Prove that $(\hat A \hat B + \hat B \hat A )$ is self-adjoint if $\hat A$ and $\hat B$ are self-adjoint

Question

I'm not clear why, in case $\hat A$ and $\hat B$ are self-adjoint, then $(\hat A \hat B + \hat B \hat A )$ is also self-adjoint.
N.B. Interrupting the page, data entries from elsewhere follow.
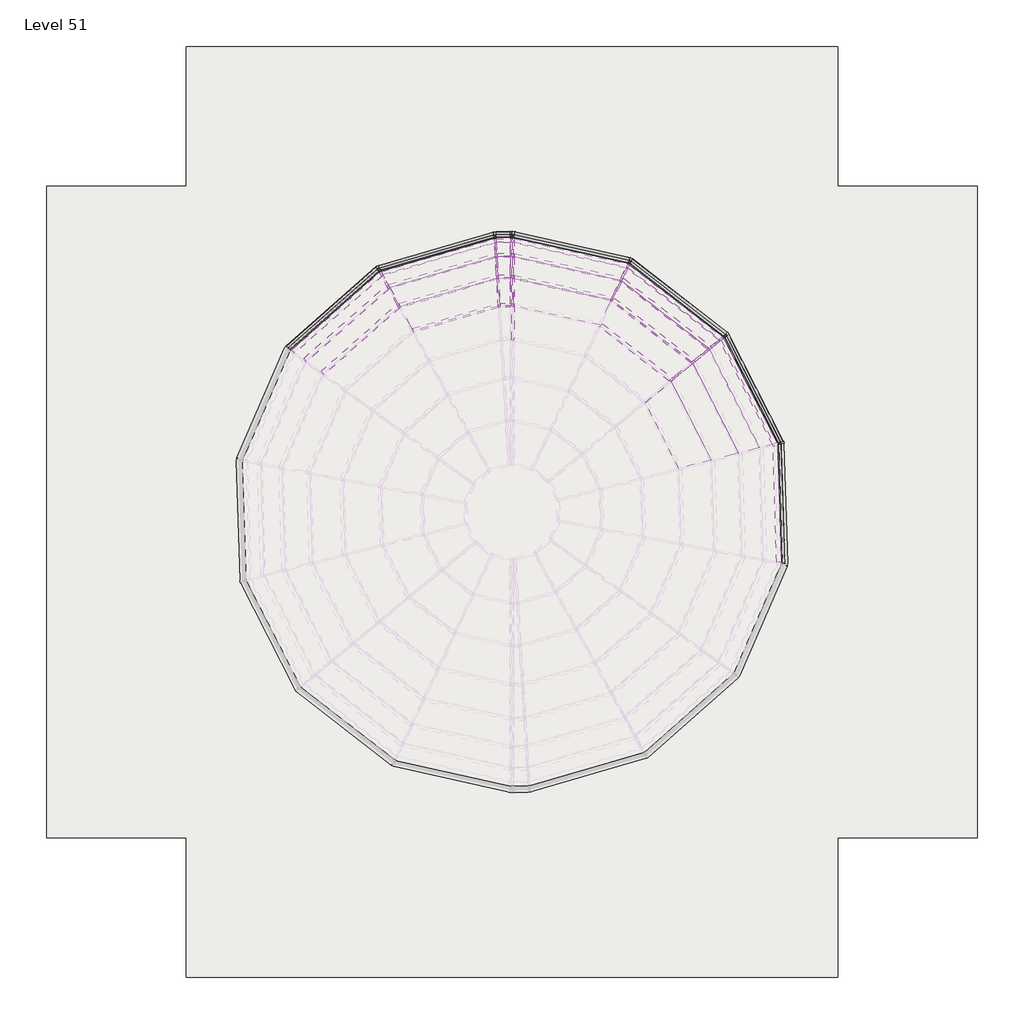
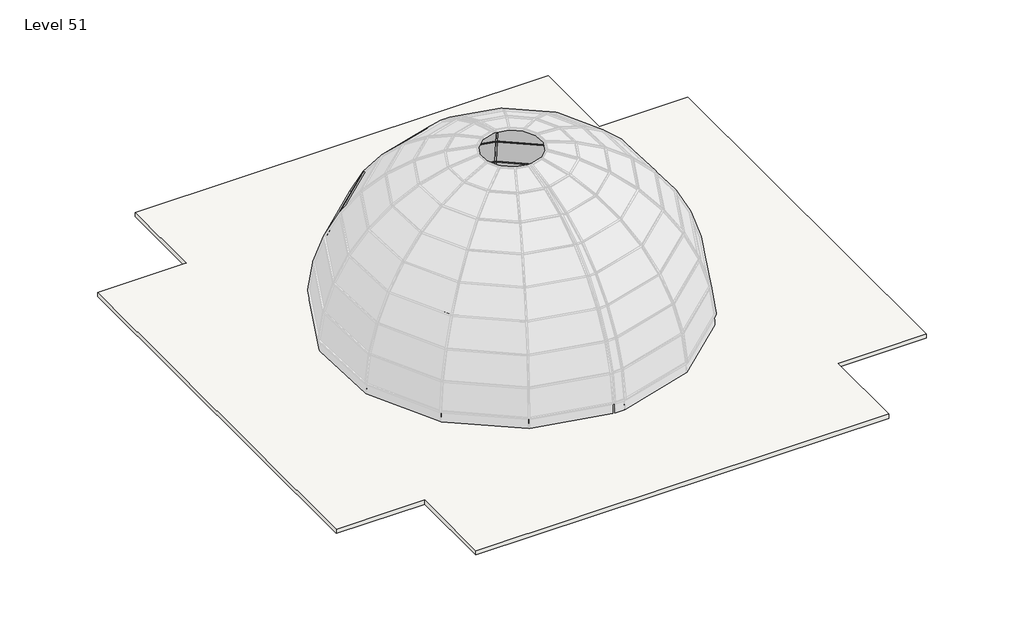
# One storey, part 5 of 5: 50 members, 29 plates, 1 roof.
"""IFC4 building model written with IfcOpenShell, lengths in millimetres."""

from ifc_helpers import new_model, si_unit, frame, origin, place, context, project, spatial, polyline, outline, extrude, transform, mapped, element, save
from components import member_d183bd50, member_3761eb40, member_c8fdef67, member_19265363, member_bab2e2f0, member_1b14bcb5, member_1e4e3dac, member_4ad3c4be, member_44404943, member_f539bf5b, member_d9f9b3f1, member_01029f2d, member_43068072, member_3efaebad, member_1612663b, member_5eaec6db, member_6411af83, member_606bd935, member_05436e89, member_70710cef, member_ac0e8256, member_b7186879, member_3d04d663, member_1ac3cc72, member_84afa52a, system_panel_glazed_891999a5, system_panel_glazed_607d1a2e, system_panel_glazed_cbcbf4f6, system_panel_glazed_3a6c43c9, system_panel_glazed_65fa72c3, system_panel_glazed_e82b84bd, system_panel_glazed_8c73bb97, system_panel_glazed_248316cd, system_panel_glazed_11359935, system_panel_glazed_cbb9f742, system_panel_glazed_d27af8dd, system_panel_glazed_44e6ebe2, system_panel_glazed_fd8bc869, system_panel_glazed_955ccf0d, system_panel_glazed_4a3a9a20, system_panel_glazed_d1219a01

model = new_model("IFC4")

# Units and contexts
model_context = context("Model", 3, world=origin())
ifc_project = project(units=[si_unit("LENGTHUNIT", "METRE", prefix="MILLI")], contexts=[model_context])

# Site, building, storey
site = spatial("IfcSite", under=ifc_project)
building = spatial("IfcBuilding", under=site)
storey = spatial("IfcBuildingStorey", under=building, Name="Level 51", Elevation=152400.0)

# Members
placement = place(None, origin())
member_shape = member_d183bd50(model_context)
element("IfcMember", 1, ObjectType="Rectangular Mullion : 2.5\" x 5\" rectangular", at=placement, inside=storey, context=model_context, shape_type="MappedRepresentation", body=[
    mapped(member_shape, transform((-893.6915097, 1788.891923, 153025.5719668), x_axis=(-0.04631017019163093, 0.052617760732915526, -0.9975403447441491), y_axis=(-0.6590554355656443, 0.7488208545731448, 0.07009465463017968), z_axis=(0.7506672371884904, 0.6606804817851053, 0.0))),
])
element("IfcMember", 2, ObjectType="Rectangular Mullion : 2.5\" x 5\" rectangular", at=placement, inside=storey, context=model_context, shape_type="MappedRepresentation", body=[
    mapped(member_shape, transform((2924.0779015, 2908.0188385, 153025.5719668), x_axis=(-0.019488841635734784, 0.06733086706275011, -0.9975403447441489), y_axis=(-0.2773521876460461, 0.9582079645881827, 0.07009465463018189), z_axis=(0.9605706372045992, 0.2780360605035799, 0.0))),
])
element("IfcMember", 3, ObjectType="Rectangular Mullion : 2.5\" x 5\" rectangular", at=placement, inside=storey, context=model_context, shape_type="MappedRepresentation", body=[
    mapped(member_shape, transform((10523.398686, -356.0730313, 153025.5719668), x_axis=(0.042974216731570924, 0.055375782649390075, -0.997540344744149), y_axis=(0.6115803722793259, 0.788071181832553, 0.07009465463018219), z_axis=(0.7900143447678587, -0.6130883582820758, 0.0))),
])
element("IfcMember", 4, ObjectType="Rectangular Mullion : 2.5\" x 5\" rectangular", at=placement, inside=storey, context=model_context, shape_type="MappedRepresentation", body=[
    mapped(member_shape, transform((12340.2476125, -3895.4046503, 153025.5719668), x_axis=(0.06246696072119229, 0.03179841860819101, -0.9975403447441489), y_axis=(0.8889880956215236, 0.45253387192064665, 0.07009465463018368), z_axis=(0.45364969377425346, -0.8911800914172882, 0.0))),
])
member_2_shape = member_3761eb40(model_context)
element("IfcMember", 5, ObjectType="Rectangular Mullion : 2.5\" x 5\" rectangular", at=placement, inside=storey, context=model_context, shape_type="MappedRepresentation", body=[
    mapped(member_2_shape, transform((3454.1673289, 2932.2790112, 153025.5719668), x_axis=(-0.0021133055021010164, 0.06841322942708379, -0.9976548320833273), y_axis=(-0.03080316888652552, 0.9971791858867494, 0.06844586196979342), z_axis=(0.9995232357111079, 0.0308755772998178, 0.0))),
])
member_3_shape = member_c8fdef67(model_context)
element("IfcMember", 6, ObjectType="Rectangular Mullion : 2.5\" x 5\" rectangular", at=placement, inside=storey, context=model_context, shape_type="MappedRepresentation", body=[
    mapped(member_3_shape, transform((3454.1673289, 2224.0761441, 155979.2538554), x_axis=(-0.01209056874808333, 0.39140335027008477, -0.9201397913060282), y_axis=(-0.028409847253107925, 0.9197011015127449, 0.3915900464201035), z_axis=(0.9995232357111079, 0.030875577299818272, 0.0))),
])
member_4_shape = member_19265363(model_context)
element("IfcMember", 7, ObjectType="Rectangular Mullion : 2.5\" x 5\" rectangular", at=placement, inside=storey, context=model_context, shape_type="MappedRepresentation", body=[
    mapped(member_4_shape, transform((7273.9015864, 1863.7115372, 154532.0243606), x_axis=(0.05206567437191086, 0.23284477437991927, -0.9711191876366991), y_axis=(0.21191558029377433, 0.9477152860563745, 0.23859489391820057), z_axis=(0.9759000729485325, -0.21821789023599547, 0.0))),
])
member_5_shape = member_bab2e2f0(model_context)
element("IfcMember", 8, ObjectType="Rectangular Mullion : 2.5\" x 5\" rectangular", at=placement, inside=storey, context=model_context, shape_type="MappedRepresentation", body=[
    mapped(member_5_shape, transform((-782.7837843, 1586.712147, 154532.0243606), x_axis=(-0.15763498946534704, 0.17910536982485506, -0.9711191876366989), y_axis=(-0.6415994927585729, 0.728987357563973, 0.2385948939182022), z_axis=(0.7506672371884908, 0.6606804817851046, 0.0))),
])
element("IfcMember", 9, ObjectType="Rectangular Mullion : 2.5\" x 5\" rectangular", at=placement, inside=storey, context=model_context, shape_type="MappedRepresentation", body=[
    mapped(member_5_shape, transform((2938.3110392, 2677.8567149, 154532.0243606), x_axis=(-0.06633798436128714, 0.22918724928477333, -0.9711191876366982), y_axis=(-0.27000615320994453, 0.932828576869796, 0.23859489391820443), z_axis=(0.9605706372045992, 0.27803606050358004, 0.0))),
])
element("IfcMember", 10, ObjectType="Rectangular Mullion : 2.5\" x 5\" rectangular", at=placement, inside=storey, context=model_context, shape_type="MappedRepresentation", body=[
    mapped(member_5_shape, transform((10345.6719873, -503.0097725, 154532.0243606), x_axis=(0.14627975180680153, 0.18849338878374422, -0.9711191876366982), y_axis=(0.5953818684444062, 0.7671980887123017, 0.2385948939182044), z_axis=(0.7900143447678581, -0.6130883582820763, 0.0))),
])
element("IfcMember", 11, ObjectType="Rectangular Mullion : 2.5\" x 5\" rectangular", at=placement, inside=storey, context=model_context, shape_type="MappedRepresentation", body=[
    mapped(member_5_shape, transform((12116.8643057, -3952.6504676, 154532.0243606), x_axis=(0.21263101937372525, 0.10823850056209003, -0.9711191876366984), y_axis=(0.8654420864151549, 0.4405479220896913, 0.23859489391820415), z_axis=(0.4536496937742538, -0.8911800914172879, 0.0))),
])
element("IfcMember", 12, ObjectType="Rectangular Mullion : 2.5\" x 5\" rectangular", at=placement, inside=storey, context=model_context, shape_type="MappedRepresentation", body=[
    mapped(member_5_shape, transform((12250.1085762, -7828.1361298, 154532.0243606), x_axis=(0.23848114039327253, 0.007366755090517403, -0.9711191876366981), y_axis=(0.9706561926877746, 0.029983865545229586, 0.23859489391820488), z_axis=(0.03087557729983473, -0.9995232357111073, 0.0))),
])
member_6_shape = member_1b14bcb5(model_context)
element("IfcMember", 13, ObjectType="Rectangular Mullion : 2.5\" x 5\" rectangular", at=placement, inside=storey, context=model_context, shape_type="MappedRepresentation", body=[
    mapped(member_6_shape, transform((3454.1673289, 2701.6772216, 154532.0243606), x_axis=(-0.00720222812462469, 0.23315497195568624, -0.9724129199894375), y_axis=(-0.03002381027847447, 0.9719493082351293, 0.2332661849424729), z_axis=(0.9995232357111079, 0.030875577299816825, 0.0))),
])
member_7_shape = member_1e4e3dac(model_context)
element("IfcMember", 14, ObjectType="Rectangular Mullion : 2.5\" x 5\" rectangular", at=placement, inside=storey, context=model_context, shape_type="MappedRepresentation", body=[
    mapped(member_7_shape, transform((7372.1189725, 2072.3512516, 153025.5719668), x_axis=(0.015295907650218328, 0.0684053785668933, -0.9975403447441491), y_axis=(0.21768114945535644, 0.9734996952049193, 0.07009465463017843), z_axis=(0.9759000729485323, -0.21821789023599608, 0.0))),
])
member_8_shape = member_4ad3c4be(model_context)
element("IfcMember", 15, ObjectType="Rectangular Mullion : 2.5\" x 5\" rectangular", at=placement, inside=storey, context=model_context, shape_type="MappedRepresentation", body=[
    mapped(member_8_shape, transform((-210.9666767, 544.3153768, 157327.0596321), x_axis=(-0.3621663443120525, 0.41149453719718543, -0.8363658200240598), y_axis=(-0.5525705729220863, 0.6278324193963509, 0.5481717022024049), z_axis=(0.7506672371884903, 0.6606804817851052, 0.0))),
])
element("IfcMember", 16, ObjectType="Rectangular Mullion : 2.5\" x 5\" rectangular", at=placement, inside=storey, context=model_context, shape_type="MappedRepresentation", body=[
    mapped(member_8_shape, transform((3011.6941294, 1491.1887945, 157327.0596321), x_axis=(-0.15241150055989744, 0.5265576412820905, -0.836365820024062), y_axis=(-0.23253985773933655, 0.8033884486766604, 0.5481717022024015), z_axis=(0.960570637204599, 0.27803606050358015, 0.0))),
])
element("IfcMember", 17, ObjectType="Rectangular Mullion : 2.5\" x 5\" rectangular", at=placement, inside=storey, context=model_context, shape_type="MappedRepresentation", body=[
    mapped(member_8_shape, transform((9429.3501848, -1260.5849737, 157327.0596321), x_axis=(0.33607768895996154, 0.4330635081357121, -0.8363658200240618), y_axis=(0.5127661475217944, 0.6607409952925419, 0.5481717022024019), z_axis=(0.7900143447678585, -0.613088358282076, 0.0))),
])
member_9_shape = member_44404943(model_context)
element("IfcMember", 18, ObjectType="Rectangular Mullion : 2.5\" x 5\" rectangular", at=placement, inside=storey, context=model_context, shape_type="MappedRepresentation", body=[
    mapped(member_9_shape, transform((3454.1673289, 1512.7424752, 157327.0596321), x_axis=(-0.016642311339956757, 0.5387551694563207, -0.8422979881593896), y_axis=(-0.026006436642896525, 0.8418964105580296, 0.5390121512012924), z_axis=(0.9995232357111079, 0.030875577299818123, 0.0))),
])
member_10_shape = member_f539bf5b(model_context)
element("IfcMember", 19, ObjectType="Rectangular Mullion : 2.5\" x 5\" rectangular", at=placement, inside=storey, context=model_context, shape_type="MappedRepresentation", body=[
    mapped(member_10_shape, transform((7070.4828292, 1431.5962766, 155979.2538554), x_axis=(0.08719349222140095, 0.3899411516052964, -0.9167023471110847), y_axis=(0.20004085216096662, 0.8946098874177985, 0.39957077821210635), z_axis=(0.9759000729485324, -0.21821789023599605, 0.0))),
])
member_11_shape = member_d9f9b3f1(model_context)
element("IfcMember", 20, ObjectType="Rectangular Mullion : 2.5\" x 5\" rectangular", at=placement, inside=storey, context=model_context, shape_type="MappedRepresentation", body=[
    mapped(member_11_shape, transform((-553.0819714, 1167.9761128, 155979.2538554), x_axis=(-0.2639886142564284, 0.2999446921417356, -0.9167023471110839), y_axis=(-0.6056473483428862, 0.6881384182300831, 0.3995707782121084), z_axis=(0.7506672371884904, 0.6606804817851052, 0.0))),
])
element("IfcMember", 21, ObjectType="Rectangular Mullion : 2.5\" x 5\" rectangular", at=placement, inside=storey, context=model_context, shape_type="MappedRepresentation", body=[
    mapped(member_11_shape, transform((2967.7893963, 2201.1662328, 155979.2538554), x_axis=(-0.11109508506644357, 0.3838159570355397, -0.9167023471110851), y_axis=(-0.2548763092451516, 0.8805573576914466, 0.3995707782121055), z_axis=(0.9605706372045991, 0.27803606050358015, 0.0))),
])
element("IfcMember", 22, ObjectType="Rectangular Mullion : 2.5\" x 5\" rectangular", at=placement, inside=storey, context=model_context, shape_type="MappedRepresentation", body=[
    mapped(member_11_shape, transform((9977.5809028, -807.3315475, 155979.2538554), x_axis=(0.2449721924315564, 0.3156666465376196, -0.9167023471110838), y_axis=(0.5620195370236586, 0.7242080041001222, 0.3995707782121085), z_axis=(0.7900143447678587, -0.6130883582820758, 0.0))),
])
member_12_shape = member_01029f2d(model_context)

In order to show that $(\hat A \hat B + \hat B \hat A )=(\hat A \hat B + \hat B \hat A )^\dagger$, I have seen that the property $(\hat a \hat b)^\dagger=\hat b^\dagger \hat a^\dagger$ is applied, so $(\hat A \hat B + \hat B \hat A )^\dagger=\hat B^\dagger \hat A^\dagger + \hat A^\dagger \hat B^\dagger$. However, I don't get with this last is equal to $\hat A \hat B + \hat B \hat A $. Could someone give me a hint?

Answer 1

$$\begin{align} \left( \hat A\hat B+\hat B\hat A\right)^\dagger &=\left(\hat A\hat B\right)^\dagger+\left( \hat B\hat A\right)^\dagger \tag{1 }\\ \tag{2} &= \hat B^\dagger\hat A^\dagger+\hat A^\dagger\hat B^\dagger \\ \tag{3} &= \hat A^\dagger\hat B^\dagger+ \hat B^\dagger\hat A^\dagger \\ \tag{4 }&= \hat A\hat B + \hat B\hat A.\end{align}$$

1. Distribute the Hermitian conjugate between terms.

2. $(\hat X\hat Y)^\dagger = \hat Y^\dagger \hat X^\dagger$ as you have correctly said.

3. Matrix addition is commutative.

4. $\hat A^\dagger=\hat A$ and $\hat B^\dagger =\hat B$ as they are both self-adjoint.